» EXERCISE REQUIREMENTS:
Where an entry below contains an image, skip the image and copy the rest exactly.

» STUDY MATERIAL:
§ §

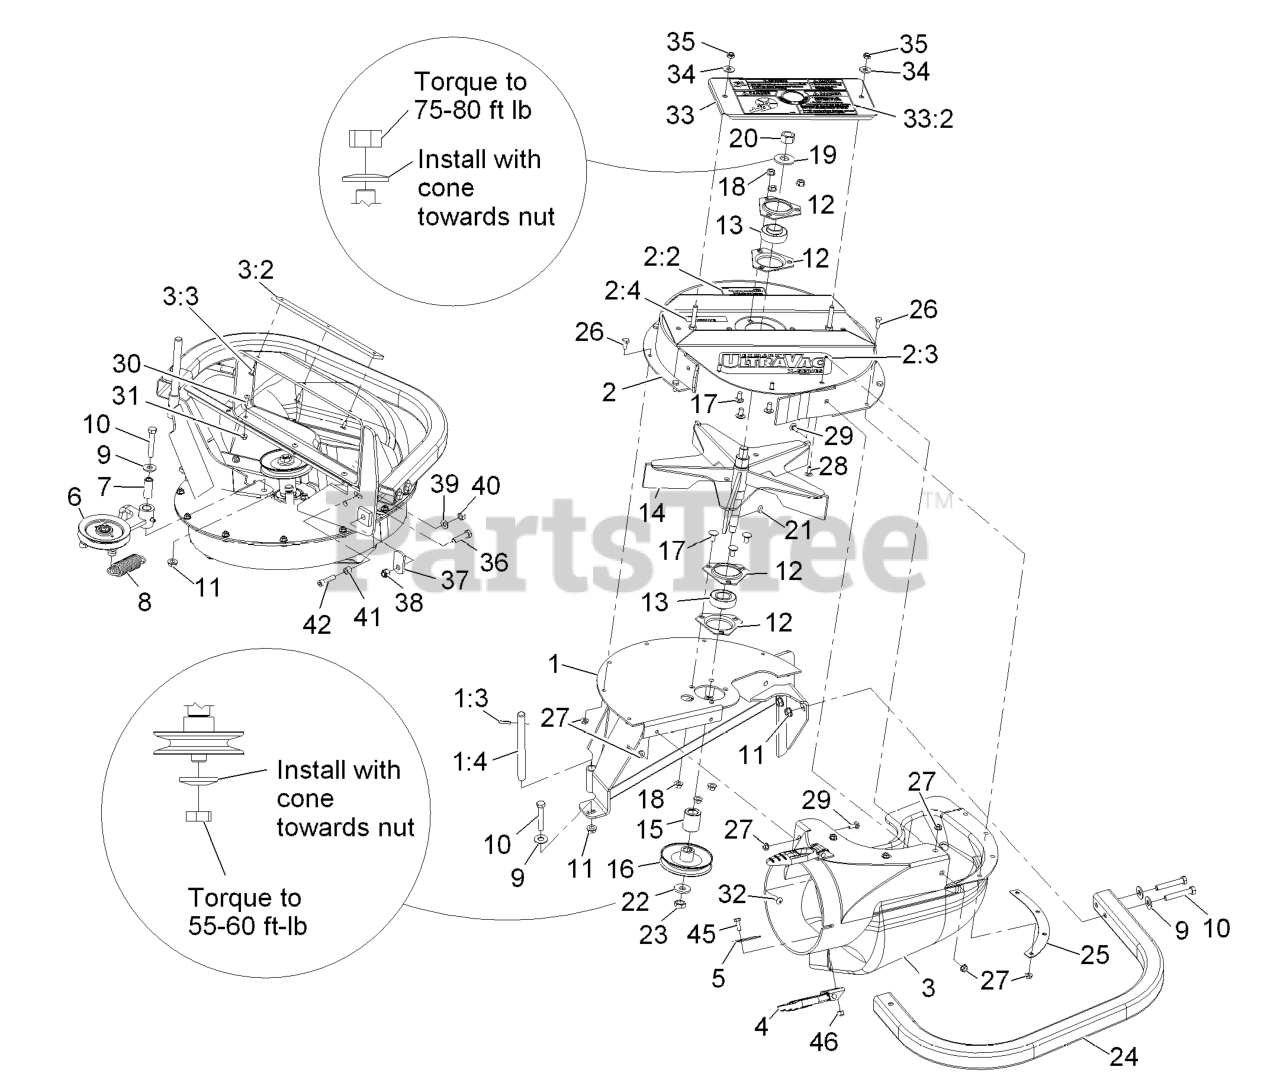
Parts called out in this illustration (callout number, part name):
1	WLD,FRAME LG BLOWER
1:3	PIN-ROLL
1:4	SHAFT-CATCHER, GRASS
2	ASM-UPPER HOUSING LARGE
2:2	DECAL,WEIGHT
2:3	DECAL-ULTRA VAC X-SERIES
2:4	DECAL-COVER, MISSING
3	ASM,BLOWER CHUTE LZ
3:2	PLATE,REINFORCEMENT LARGE
3:3	RIVET-BLIND
4	LATCH-RUBBER
5	PLATE-BACKING
6	Asm, Idler
7	BUSHING
8	SPRING-IDLER
9	WASHER-FLAT
10	SCREW-HH
11	NUT-HHF, WHIZ
12	HOUSING-FLANGE
13	BEARING
14	IMPELLER
16	SHEAVE
17	SCREW-CARR
19	WASHER-SPRING
20	NUT-HEX
21	KEY-WOODRUFF
22	WASHER-SPRING
23	NUT-JAM
25	PLATE-BACKING, BLOWER
26	SCREW-HH
28	SCREW-CARR
29	BOLT-CARR
30	SCREW-HEAD, TRUSS
33	COVER, BEARING
33	ASM, BEARING COVER
33:2	DECAL-WARNING, BLOWER
34	WASHER-FLAT
35	NUT-LOCK, NI
36	SCREW-HH
37	LATCH-CATCHER, GRASS
38	NUT-LOCK, NI
39	WASHER-SPRING
40	NUT-HEX
41	BUSHING, LOCATOR
42	SCREW-HSH
45	SCREW-HH
46	NUT-LOCK, NI
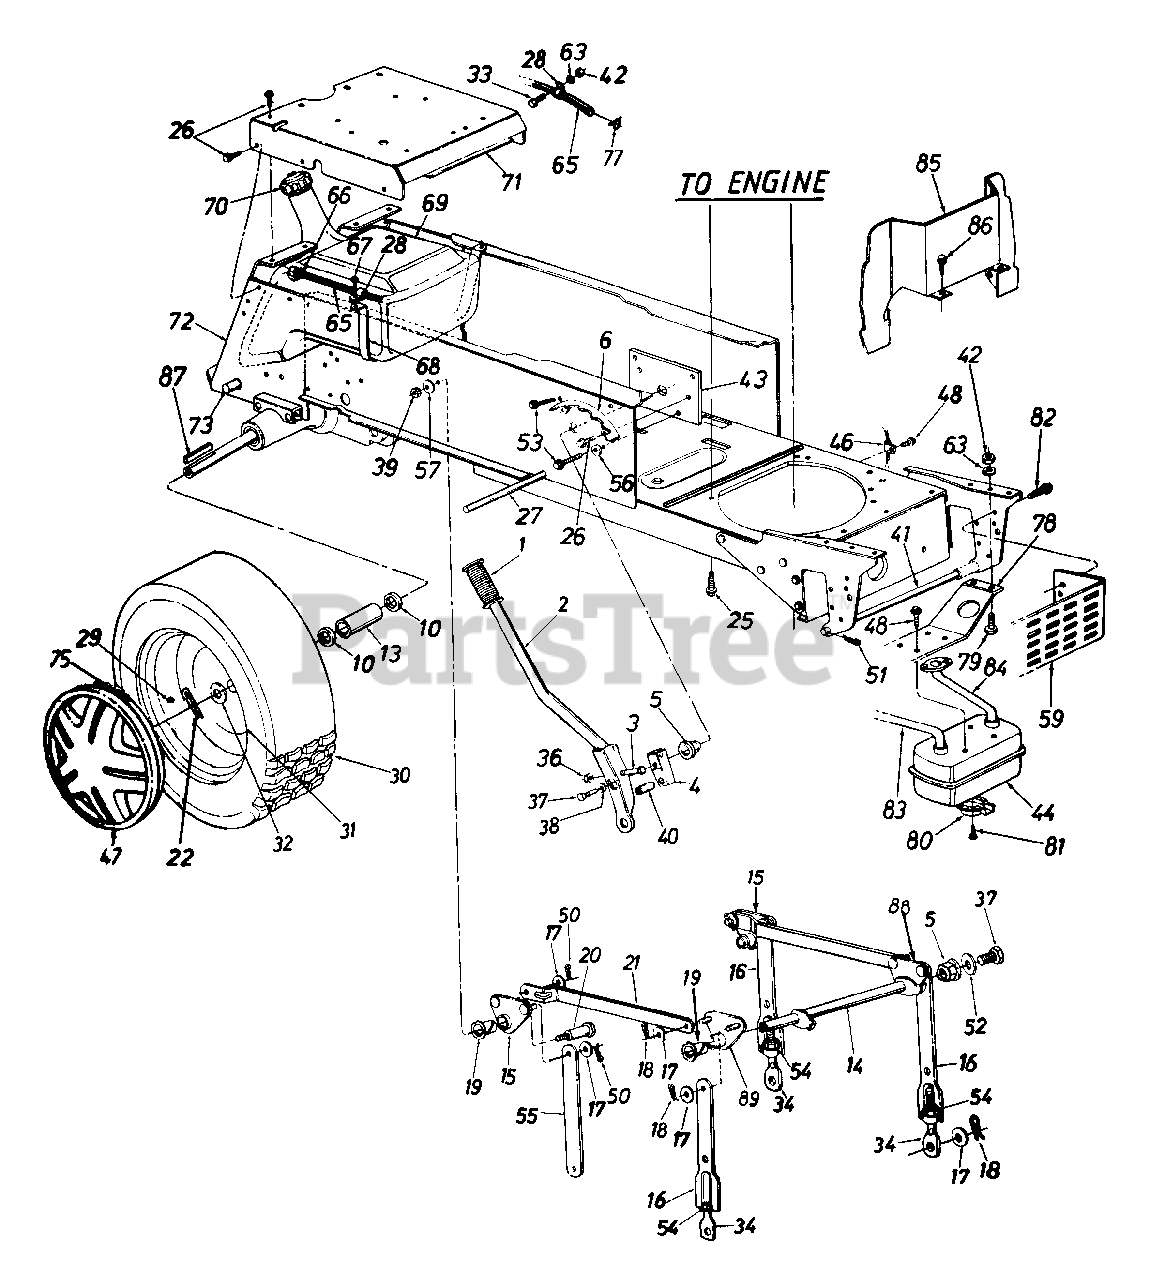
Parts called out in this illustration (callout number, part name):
1	Grip
2	Lift Handle Ass'y.
3	Hex Bolt 5/16-18 x 1.5" Lg.
4	Lift Shaft Drive
5	Plastic Hex Brg. 5/8" I.D.
10	Fl-Wash. 1.03" I.D. x 1.62" O.D.
13	Spacer 1" I.D. x 1.25" O.D.
14	Lift Shaft Ass'y.
15	Lift Pivot Brkt. Ass'y.
17	Fl-Wash. 1/2" I.D. x 1.00" O.D. x .090"
18	Hairpin Cotter
19	Flanged Brg. 5/8" I.D.
20	Shld. Bolt 5/8" Dia. x .96" Lg. 3/8-16
25	Hex Wash. Hd. Scr. 3/8-16 x 1.25" Lg.
26	Hex Thd. Rolling Ser. 5/16-18 x .75" Lg.
27	Running Board Rod
29	Air Valve
33	Hex Bolt 1/4-20 x .62" Lg.
34	Eye Bolt Adj. Link 1/2-13 Thd.
36	Hex Cent. L-Nut 5/16-18 Thd.
37	Hex Bolt 5/16-24 x .75" Lg. (Gr. 5)
39	Hex Top L-Nut 3/8-16 Thd.
40	Compression Spring
41	Deck Connecting Rod
42	Hex Nut 1/4-20 Thd.
46	Mounting Clamp
47	Hub Cap
48	Hex Wash. Hd. TT-Tap Scr. 1/4-20 x .5" Lg.
50	Cotter Pin .09 Dia. x 1.0" Lg.
51	Int. Cotter Pin
52	Flat Wash. .34" I.D. x 1.12" O.D. x .125"
53	Hex Wash. Hd. AB-Tap Scr. 5/16-18 x .5" Lg.
54	Hex Nut 1/2-13 Thd.
56	Fl-Wash. .344" I.D.
57	Bell-Wash. .4" I.D. x 1.13" O.D.
59	Heat Shield
63	L-Wash. 1/4" I.D.
65	Fuel Line 46" Lg.
67	Hex AB-Tap Scr. 1/4 x .62" Lg.
68	Fuel Tank Strap
75	Spring Clip
78	Muffler Mounting Brkt.
79	Hex Bolt 1/4-20 x .62" Lg.
80	Muffler Deflector
81	Hex Wash. Hd. F-Tap Scr. #8 x .32" Lg.
82	Hex Wash. Hd. TT-Tap Scr. 5/16"-18 x .62" Lg.
83	Exhaust Tube - R.H.
84	Exhaust Tube - L.H.
87	Sq. Key 1/4" x 3" Lg.
88	Lift Pivot Brkt. - L.H.
89	Lift Pivot Brkt. - R.H.

§ §

» SOLUTION TO THE PROBLEM:
Parts called out in this illustration (callout number, part name):
1	WLD,FRAME LG BLOWER
1:3	PIN-ROLL
1:4	SHAFT-CATCHER, GRASS
2	ASM-UPPER HOUSING LARGE
2:2	DECAL,WEIGHT
2:3	DECAL-ULTRA VAC X-SERIES
2:4	DECAL-COVER, MISSING
3	ASM,BLOWER CHUTE LZ
3:2	PLATE,REINFORCEMENT LARGE
3:3	RIVET-BLIND
4	LATCH-RUBBER
5	PLATE-BACKING
6	Asm, Idler
7	BUSHING
8	SPRING-IDLER
9	WASHER-FLAT
10	SCREW-HH
11	NUT-HHF, WHIZ
12	HOUSING-FLANGE
13	BEARING
14	IMPELLER
16	SHEAVE
17	SCREW-CARR
19	WASHER-SPRING
20	NUT-HEX
21	KEY-WOODRUFF
22	WASHER-SPRING
23	NUT-JAM
25	PLATE-BACKING, BLOWER
26	SCREW-HH
28	SCREW-CARR
29	BOLT-CARR
30	SCREW-HEAD, TRUSS
33	COVER, BEARING
33	ASM, BEARING COVER
33:2	DECAL-WARNING, BLOWER
34	WASHER-FLAT
35	NUT-LOCK, NI
36	SCREW-HH
37	LATCH-CATCHER, GRASS
38	NUT-LOCK, NI
39	WASHER-SPRING
40	NUT-HEX
41	BUSHING, LOCATOR
42	SCREW-HSH
45	SCREW-HH
46	NUT-LOCK, NI
Parts called out in this illustration (callout number, part name):
1	Grip
2	Lift Handle Ass'y.
3	Hex Bolt 5/16-18 x 1.5" Lg.
4	Lift Shaft Drive
5	Plastic Hex Brg. 5/8" I.D.
10	Fl-Wash. 1.03" I.D. x 1.62" O.D.
13	Spacer 1" I.D. x 1.25" O.D.
14	Lift Shaft Ass'y.
15	Lift Pivot Brkt. Ass'y.
17	Fl-Wash. 1/2" I.D. x 1.00" O.D. x .090"
18	Hairpin Cotter
19	Flanged Brg. 5/8" I.D.
20	Shld. Bolt 5/8" Dia. x .96" Lg. 3/8-16
25	Hex Wash. Hd. Scr. 3/8-16 x 1.25" Lg.
26	Hex Thd. Rolling Ser. 5/16-18 x .75" Lg.
27	Running Board Rod
29	Air Valve
33	Hex Bolt 1/4-20 x .62" Lg.
34	Eye Bolt Adj. Link 1/2-13 Thd.
36	Hex Cent. L-Nut 5/16-18 Thd.
37	Hex Bolt 5/16-24 x .75" Lg. (Gr. 5)
39	Hex Top L-Nut 3/8-16 Thd.
40	Compression Spring
41	Deck Connecting Rod
42	Hex Nut 1/4-20 Thd.
46	Mounting Clamp
47	Hub Cap
48	Hex Wash. Hd. TT-Tap Scr. 1/4-20 x .5" Lg.
50	Cotter Pin .09 Dia. x 1.0" Lg.
51	Int. Cotter Pin
52	Flat Wash. .34" I.D. x 1.12" O.D. x .125"
53	Hex Wash. Hd. AB-Tap Scr. 5/16-18 x .5" Lg.
54	Hex Nut 1/2-13 Thd.
56	Fl-Wash. .344" I.D.
57	Bell-Wash. .4" I.D. x 1.13" O.D.
59	Heat Shield
63	L-Wash. 1/4" I.D.
65	Fuel Line 46" Lg.
67	Hex AB-Tap Scr. 1/4 x .62" Lg.
68	Fuel Tank Strap
75	Spring Clip
78	Muffler Mounting Brkt.
79	Hex Bolt 1/4-20 x .62" Lg.
80	Muffler Deflector
81	Hex Wash. Hd. F-Tap Scr. #8 x .32" Lg.
82	Hex Wash. Hd. TT-Tap Scr. 5/16"-18 x .62" Lg.
83	Exhaust Tube - R.H.
84	Exhaust Tube - L.H.
87	Sq. Key 1/4" x 3" Lg.
88	Lift Pivot Brkt. - L.H.
89	Lift Pivot Brkt. - R.H.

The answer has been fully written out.